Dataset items

===============

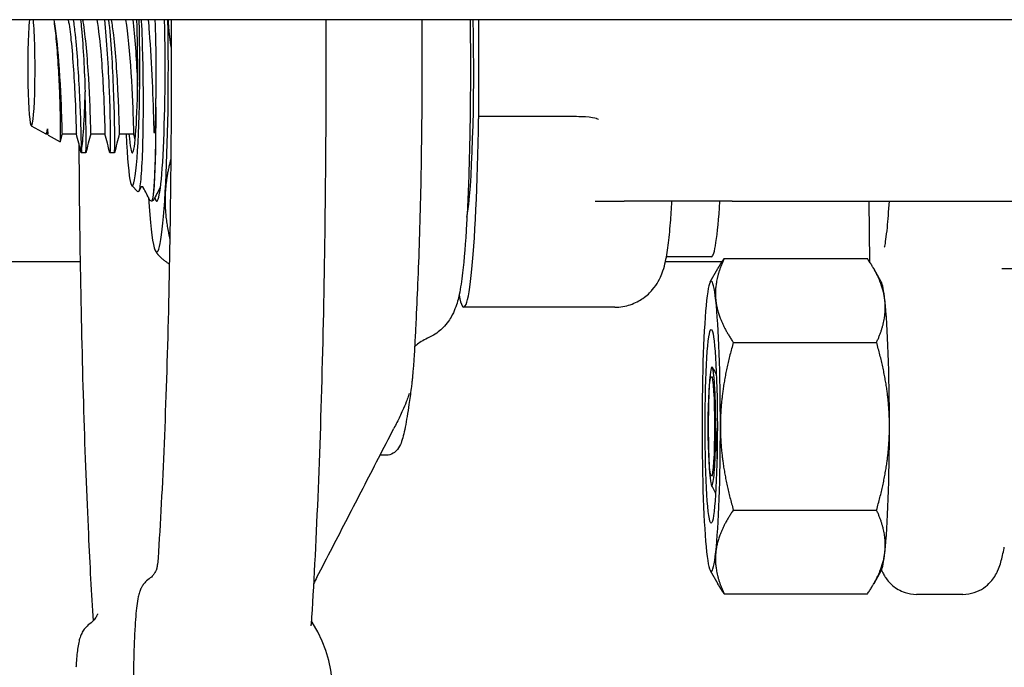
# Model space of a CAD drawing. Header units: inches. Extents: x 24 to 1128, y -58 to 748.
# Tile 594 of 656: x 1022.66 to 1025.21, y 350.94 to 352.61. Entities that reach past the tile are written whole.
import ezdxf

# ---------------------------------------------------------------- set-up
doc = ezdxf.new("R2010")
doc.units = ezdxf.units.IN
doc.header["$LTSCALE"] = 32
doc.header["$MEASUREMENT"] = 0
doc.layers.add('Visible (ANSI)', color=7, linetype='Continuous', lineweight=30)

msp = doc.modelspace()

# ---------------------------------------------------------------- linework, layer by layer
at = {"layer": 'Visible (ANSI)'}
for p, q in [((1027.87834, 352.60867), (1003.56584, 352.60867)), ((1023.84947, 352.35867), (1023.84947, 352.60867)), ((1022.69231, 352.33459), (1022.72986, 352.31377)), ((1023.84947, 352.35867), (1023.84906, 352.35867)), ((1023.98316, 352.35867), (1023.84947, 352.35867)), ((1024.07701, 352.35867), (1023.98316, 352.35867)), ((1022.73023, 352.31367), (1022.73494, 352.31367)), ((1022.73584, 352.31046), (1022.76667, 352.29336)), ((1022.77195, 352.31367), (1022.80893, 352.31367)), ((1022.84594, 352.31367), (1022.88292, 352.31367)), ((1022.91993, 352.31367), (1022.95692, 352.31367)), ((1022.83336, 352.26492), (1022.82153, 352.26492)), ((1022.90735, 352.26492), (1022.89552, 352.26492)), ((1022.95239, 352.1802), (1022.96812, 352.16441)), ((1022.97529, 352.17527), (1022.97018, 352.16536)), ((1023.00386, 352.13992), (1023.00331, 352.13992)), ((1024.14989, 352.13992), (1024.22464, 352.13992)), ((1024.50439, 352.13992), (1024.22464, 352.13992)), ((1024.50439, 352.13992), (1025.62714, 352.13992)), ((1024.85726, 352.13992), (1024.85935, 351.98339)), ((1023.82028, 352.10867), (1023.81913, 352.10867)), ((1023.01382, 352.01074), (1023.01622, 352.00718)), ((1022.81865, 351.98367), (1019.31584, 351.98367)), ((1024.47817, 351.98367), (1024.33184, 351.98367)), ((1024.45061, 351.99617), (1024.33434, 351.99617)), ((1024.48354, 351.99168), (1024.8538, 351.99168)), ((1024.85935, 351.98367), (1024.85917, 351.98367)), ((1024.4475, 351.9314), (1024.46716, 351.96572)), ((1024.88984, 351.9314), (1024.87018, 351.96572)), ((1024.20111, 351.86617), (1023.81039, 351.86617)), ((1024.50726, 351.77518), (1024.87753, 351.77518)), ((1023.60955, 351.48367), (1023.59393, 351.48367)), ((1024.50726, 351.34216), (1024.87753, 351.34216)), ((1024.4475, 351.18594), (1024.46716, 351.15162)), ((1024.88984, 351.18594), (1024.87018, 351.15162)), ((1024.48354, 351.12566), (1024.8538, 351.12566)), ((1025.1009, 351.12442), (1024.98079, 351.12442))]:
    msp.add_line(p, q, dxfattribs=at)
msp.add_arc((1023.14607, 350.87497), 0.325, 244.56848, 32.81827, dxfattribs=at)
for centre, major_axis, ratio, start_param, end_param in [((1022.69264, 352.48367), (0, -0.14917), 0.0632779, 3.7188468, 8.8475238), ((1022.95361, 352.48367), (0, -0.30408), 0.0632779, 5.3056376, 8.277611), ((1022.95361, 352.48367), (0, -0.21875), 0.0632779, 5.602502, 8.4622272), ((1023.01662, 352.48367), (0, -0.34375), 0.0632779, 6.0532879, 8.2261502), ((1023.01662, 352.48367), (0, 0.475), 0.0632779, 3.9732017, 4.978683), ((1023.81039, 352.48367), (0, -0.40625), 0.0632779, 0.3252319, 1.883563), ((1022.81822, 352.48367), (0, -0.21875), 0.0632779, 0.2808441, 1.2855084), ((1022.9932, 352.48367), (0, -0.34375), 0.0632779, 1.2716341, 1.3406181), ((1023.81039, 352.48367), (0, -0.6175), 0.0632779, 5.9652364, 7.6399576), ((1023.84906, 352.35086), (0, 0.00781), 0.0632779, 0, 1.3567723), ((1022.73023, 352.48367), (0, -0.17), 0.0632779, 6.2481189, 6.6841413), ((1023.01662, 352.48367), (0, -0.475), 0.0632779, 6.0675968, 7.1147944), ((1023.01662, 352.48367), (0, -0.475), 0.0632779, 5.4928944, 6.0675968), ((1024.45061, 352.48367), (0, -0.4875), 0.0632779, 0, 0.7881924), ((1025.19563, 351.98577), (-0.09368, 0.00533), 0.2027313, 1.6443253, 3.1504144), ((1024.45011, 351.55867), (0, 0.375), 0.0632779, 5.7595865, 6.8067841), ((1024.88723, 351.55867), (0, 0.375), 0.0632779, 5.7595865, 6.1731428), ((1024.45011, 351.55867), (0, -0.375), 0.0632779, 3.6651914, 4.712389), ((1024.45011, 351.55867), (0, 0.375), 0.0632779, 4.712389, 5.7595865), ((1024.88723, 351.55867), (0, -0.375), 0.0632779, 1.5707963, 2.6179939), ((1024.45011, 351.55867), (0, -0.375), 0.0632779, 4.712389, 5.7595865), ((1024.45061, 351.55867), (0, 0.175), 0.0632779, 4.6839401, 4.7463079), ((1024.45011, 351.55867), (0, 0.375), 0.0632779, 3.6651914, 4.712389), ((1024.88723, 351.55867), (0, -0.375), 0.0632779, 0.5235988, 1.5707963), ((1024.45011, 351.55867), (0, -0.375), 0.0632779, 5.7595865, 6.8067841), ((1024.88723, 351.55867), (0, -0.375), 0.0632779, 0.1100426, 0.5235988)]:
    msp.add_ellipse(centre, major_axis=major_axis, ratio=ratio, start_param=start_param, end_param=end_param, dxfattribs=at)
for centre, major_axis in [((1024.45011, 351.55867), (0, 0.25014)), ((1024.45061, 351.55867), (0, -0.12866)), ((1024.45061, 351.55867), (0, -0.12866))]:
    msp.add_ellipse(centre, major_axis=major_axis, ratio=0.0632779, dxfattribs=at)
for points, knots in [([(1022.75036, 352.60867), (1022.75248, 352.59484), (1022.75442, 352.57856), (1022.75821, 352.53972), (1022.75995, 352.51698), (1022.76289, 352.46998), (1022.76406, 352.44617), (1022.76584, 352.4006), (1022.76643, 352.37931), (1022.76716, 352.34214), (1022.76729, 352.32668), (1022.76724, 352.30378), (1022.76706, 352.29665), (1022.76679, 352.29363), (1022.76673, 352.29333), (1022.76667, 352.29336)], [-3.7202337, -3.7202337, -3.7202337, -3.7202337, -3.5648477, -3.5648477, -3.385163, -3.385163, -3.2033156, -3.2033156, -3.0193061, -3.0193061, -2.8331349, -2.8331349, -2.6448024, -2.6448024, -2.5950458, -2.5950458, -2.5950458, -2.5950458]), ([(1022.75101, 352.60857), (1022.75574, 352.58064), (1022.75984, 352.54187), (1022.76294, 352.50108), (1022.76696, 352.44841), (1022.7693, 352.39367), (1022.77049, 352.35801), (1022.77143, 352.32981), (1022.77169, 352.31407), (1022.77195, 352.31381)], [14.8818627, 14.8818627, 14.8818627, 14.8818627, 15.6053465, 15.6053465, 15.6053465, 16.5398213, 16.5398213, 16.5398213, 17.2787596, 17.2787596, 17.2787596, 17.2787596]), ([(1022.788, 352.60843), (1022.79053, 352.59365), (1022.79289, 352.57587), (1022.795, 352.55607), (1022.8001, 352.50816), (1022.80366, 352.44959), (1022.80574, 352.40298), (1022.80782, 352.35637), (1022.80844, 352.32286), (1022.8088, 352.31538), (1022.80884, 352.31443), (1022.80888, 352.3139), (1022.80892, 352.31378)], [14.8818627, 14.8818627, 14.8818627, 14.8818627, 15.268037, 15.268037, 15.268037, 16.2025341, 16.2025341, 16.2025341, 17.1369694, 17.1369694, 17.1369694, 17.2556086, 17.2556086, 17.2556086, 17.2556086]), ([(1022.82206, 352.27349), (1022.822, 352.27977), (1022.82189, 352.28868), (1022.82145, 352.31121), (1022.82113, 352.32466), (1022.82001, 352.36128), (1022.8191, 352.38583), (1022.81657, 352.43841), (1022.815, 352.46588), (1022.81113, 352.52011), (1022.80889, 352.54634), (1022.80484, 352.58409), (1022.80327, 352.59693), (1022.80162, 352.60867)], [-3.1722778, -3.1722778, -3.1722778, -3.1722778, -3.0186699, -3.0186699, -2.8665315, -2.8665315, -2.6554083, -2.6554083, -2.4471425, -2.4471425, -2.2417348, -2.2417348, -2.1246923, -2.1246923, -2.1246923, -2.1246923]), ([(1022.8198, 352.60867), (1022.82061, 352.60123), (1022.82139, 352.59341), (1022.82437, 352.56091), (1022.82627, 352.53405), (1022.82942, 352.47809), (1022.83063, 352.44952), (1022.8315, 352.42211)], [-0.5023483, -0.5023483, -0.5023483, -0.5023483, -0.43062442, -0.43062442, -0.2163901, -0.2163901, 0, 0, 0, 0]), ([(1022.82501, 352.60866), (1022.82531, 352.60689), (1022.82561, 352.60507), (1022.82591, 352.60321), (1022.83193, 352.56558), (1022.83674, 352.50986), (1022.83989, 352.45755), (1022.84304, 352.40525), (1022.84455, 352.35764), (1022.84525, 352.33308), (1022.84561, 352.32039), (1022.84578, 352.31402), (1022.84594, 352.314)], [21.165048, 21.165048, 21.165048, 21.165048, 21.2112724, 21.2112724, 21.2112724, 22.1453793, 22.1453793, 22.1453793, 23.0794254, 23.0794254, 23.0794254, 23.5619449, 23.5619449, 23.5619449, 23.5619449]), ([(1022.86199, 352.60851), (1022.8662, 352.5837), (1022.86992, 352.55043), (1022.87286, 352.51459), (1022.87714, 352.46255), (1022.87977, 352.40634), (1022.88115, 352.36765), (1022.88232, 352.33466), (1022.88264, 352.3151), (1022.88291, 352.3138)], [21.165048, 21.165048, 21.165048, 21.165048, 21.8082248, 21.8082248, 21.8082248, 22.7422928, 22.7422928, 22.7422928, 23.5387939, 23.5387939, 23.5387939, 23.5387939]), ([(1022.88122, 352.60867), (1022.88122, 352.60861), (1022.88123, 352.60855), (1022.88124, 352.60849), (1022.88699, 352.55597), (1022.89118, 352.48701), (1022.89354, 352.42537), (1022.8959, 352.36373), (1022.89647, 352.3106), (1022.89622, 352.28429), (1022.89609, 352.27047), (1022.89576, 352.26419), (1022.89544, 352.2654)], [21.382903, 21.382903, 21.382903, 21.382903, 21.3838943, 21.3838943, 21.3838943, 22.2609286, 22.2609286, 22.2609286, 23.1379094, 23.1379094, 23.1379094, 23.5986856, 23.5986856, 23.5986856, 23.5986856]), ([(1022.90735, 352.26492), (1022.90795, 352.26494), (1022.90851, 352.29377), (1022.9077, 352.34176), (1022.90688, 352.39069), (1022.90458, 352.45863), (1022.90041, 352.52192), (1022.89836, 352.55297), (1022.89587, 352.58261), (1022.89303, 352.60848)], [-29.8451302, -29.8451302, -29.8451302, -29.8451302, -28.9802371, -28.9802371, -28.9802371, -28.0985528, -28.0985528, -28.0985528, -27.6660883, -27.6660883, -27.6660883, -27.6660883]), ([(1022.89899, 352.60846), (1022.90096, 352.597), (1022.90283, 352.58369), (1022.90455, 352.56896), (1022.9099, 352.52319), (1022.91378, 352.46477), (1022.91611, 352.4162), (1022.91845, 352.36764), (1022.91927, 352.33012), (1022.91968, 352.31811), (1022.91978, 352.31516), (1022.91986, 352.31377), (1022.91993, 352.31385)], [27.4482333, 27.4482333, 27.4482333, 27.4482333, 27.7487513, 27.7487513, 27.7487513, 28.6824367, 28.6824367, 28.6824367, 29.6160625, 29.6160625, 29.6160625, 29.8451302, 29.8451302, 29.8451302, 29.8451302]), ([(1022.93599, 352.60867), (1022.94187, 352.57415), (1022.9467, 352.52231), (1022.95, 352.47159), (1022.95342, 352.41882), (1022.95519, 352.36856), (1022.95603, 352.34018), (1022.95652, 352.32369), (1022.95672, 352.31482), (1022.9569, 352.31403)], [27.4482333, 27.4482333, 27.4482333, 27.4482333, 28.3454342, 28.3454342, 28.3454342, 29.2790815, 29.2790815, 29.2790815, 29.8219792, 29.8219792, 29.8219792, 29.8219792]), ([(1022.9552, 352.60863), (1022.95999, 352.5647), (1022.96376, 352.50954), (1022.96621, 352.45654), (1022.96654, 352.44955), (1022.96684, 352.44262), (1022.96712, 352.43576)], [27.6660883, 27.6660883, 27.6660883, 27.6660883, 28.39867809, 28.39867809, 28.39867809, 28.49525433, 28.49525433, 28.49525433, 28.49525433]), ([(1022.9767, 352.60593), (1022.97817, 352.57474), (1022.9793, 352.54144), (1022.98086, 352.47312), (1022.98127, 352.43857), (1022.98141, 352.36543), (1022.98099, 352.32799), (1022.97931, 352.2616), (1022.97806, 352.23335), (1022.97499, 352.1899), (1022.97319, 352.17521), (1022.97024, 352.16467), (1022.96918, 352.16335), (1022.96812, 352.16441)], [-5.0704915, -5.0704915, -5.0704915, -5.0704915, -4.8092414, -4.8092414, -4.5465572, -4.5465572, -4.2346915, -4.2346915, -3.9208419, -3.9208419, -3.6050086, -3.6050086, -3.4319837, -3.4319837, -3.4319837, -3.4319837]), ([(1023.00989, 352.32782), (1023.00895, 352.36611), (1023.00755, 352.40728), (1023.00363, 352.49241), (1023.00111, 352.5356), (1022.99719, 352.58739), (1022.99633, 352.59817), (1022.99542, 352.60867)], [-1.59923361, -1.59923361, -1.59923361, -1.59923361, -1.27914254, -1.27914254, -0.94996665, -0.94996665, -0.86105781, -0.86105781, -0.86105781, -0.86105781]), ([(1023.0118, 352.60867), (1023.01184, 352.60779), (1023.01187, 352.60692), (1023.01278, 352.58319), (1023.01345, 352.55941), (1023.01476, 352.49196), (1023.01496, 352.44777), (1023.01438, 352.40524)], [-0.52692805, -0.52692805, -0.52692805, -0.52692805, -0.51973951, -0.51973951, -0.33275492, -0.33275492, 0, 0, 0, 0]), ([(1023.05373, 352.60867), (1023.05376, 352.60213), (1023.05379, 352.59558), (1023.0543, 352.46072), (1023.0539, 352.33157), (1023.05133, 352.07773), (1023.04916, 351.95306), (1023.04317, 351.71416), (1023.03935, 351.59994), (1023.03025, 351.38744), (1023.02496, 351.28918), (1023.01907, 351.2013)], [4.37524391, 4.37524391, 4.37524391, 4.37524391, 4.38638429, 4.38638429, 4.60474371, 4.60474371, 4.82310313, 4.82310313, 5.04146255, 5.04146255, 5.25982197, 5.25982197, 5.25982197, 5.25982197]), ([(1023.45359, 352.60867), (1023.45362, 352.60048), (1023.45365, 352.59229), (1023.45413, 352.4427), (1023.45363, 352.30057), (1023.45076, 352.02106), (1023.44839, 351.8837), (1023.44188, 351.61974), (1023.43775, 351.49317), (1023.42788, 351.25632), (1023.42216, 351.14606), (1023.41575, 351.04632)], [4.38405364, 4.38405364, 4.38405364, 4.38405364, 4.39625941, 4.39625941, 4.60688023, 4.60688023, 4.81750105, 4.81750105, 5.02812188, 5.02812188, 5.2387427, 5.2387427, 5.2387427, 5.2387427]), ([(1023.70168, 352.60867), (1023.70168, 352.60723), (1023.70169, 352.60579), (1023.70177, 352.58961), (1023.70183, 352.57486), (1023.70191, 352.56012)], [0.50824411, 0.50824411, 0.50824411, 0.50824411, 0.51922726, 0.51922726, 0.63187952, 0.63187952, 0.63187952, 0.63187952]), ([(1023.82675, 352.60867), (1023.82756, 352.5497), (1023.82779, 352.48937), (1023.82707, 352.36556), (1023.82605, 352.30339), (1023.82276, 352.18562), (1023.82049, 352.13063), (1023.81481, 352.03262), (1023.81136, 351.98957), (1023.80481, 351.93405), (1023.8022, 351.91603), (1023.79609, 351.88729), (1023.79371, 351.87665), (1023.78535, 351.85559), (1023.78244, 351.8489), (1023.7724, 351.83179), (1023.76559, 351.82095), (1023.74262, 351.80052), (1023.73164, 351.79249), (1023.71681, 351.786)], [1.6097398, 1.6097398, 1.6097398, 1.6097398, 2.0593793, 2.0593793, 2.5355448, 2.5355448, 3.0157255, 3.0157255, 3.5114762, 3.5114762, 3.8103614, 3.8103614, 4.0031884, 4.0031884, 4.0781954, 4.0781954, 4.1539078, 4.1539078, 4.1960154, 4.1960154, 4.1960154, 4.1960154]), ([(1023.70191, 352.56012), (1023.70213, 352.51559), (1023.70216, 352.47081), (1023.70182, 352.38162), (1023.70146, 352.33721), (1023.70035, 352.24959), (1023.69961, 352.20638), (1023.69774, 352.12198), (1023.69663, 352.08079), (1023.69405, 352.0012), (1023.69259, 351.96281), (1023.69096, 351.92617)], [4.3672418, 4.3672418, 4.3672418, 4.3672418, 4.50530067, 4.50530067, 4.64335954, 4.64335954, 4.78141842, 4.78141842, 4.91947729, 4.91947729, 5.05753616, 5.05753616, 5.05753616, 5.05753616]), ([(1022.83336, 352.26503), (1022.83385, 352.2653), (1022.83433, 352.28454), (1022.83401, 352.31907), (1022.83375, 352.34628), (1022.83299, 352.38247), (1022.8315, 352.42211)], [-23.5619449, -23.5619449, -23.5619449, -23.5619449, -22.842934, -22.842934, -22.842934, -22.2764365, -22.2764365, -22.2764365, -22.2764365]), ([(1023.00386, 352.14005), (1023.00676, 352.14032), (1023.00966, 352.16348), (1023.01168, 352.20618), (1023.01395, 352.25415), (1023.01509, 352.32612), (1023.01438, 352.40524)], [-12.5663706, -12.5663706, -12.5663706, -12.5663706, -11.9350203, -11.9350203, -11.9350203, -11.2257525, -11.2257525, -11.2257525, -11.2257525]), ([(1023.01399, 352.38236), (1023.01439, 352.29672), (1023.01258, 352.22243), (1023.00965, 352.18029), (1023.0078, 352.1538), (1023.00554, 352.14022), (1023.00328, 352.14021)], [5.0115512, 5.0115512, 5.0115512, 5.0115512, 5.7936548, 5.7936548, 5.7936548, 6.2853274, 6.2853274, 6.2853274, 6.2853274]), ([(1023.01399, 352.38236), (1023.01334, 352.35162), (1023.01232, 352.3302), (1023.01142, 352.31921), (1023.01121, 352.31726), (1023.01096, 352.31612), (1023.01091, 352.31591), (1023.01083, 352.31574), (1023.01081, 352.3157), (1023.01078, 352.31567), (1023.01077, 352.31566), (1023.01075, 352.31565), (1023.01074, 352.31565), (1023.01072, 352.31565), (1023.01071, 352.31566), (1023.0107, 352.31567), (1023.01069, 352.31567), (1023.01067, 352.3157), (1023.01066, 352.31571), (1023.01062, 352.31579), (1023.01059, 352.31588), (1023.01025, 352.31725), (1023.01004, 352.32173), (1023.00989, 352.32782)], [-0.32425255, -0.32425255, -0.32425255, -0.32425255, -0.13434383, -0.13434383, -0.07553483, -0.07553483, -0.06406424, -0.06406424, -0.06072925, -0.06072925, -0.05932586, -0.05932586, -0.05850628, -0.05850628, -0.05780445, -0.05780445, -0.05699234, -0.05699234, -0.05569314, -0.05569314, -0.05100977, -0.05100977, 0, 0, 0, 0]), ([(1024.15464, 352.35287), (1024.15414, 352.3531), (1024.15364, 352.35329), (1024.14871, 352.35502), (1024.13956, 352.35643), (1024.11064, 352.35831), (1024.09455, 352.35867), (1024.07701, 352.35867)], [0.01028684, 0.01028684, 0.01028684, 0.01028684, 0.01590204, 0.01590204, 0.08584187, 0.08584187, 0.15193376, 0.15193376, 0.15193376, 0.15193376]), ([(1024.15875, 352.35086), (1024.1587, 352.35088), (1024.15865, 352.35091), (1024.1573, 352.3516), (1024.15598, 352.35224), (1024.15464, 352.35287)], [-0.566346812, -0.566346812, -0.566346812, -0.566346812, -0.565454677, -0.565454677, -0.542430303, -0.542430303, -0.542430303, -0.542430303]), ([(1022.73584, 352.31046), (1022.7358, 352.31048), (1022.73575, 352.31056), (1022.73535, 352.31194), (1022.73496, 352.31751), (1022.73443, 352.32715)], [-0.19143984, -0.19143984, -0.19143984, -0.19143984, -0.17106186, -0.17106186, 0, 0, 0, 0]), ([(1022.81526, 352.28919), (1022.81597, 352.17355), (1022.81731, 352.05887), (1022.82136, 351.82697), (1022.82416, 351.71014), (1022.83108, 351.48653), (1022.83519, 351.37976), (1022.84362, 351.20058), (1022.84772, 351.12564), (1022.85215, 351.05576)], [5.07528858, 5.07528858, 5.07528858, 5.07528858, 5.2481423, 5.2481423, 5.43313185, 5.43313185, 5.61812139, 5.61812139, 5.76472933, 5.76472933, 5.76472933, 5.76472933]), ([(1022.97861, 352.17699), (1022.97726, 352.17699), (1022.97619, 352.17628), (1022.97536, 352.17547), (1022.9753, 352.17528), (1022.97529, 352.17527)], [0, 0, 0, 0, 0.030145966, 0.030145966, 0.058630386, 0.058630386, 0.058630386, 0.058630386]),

===============

• [WHAT IS BEING ASKED]: All that is wanted is the stretch of lines above from the one containing "start_param=start_param, end_param=end_param, dxfattribs=at)" through the one containing "major_axis=major_axis, ratio=0.0632779, dxfattribs=at)", duplicated exactly.

• [RESULT FOR THIS EXERCISE]:
    msp.add_ellipse(centre, major_axis=major_axis, ratio=ratio, start_param=start_param, end_param=end_param, dxfattribs=at)
for centre, major_axis in [((1024.45011, 351.55867), (0, 0.25014)), ((1024.45061, 351.55867), (0, -0.12866)), ((1024.45061, 351.55867), (0, -0.12866))]:
    msp.add_ellipse(centre, major_axis=major_axis, ratio=0.0632779, dxfattribs=at)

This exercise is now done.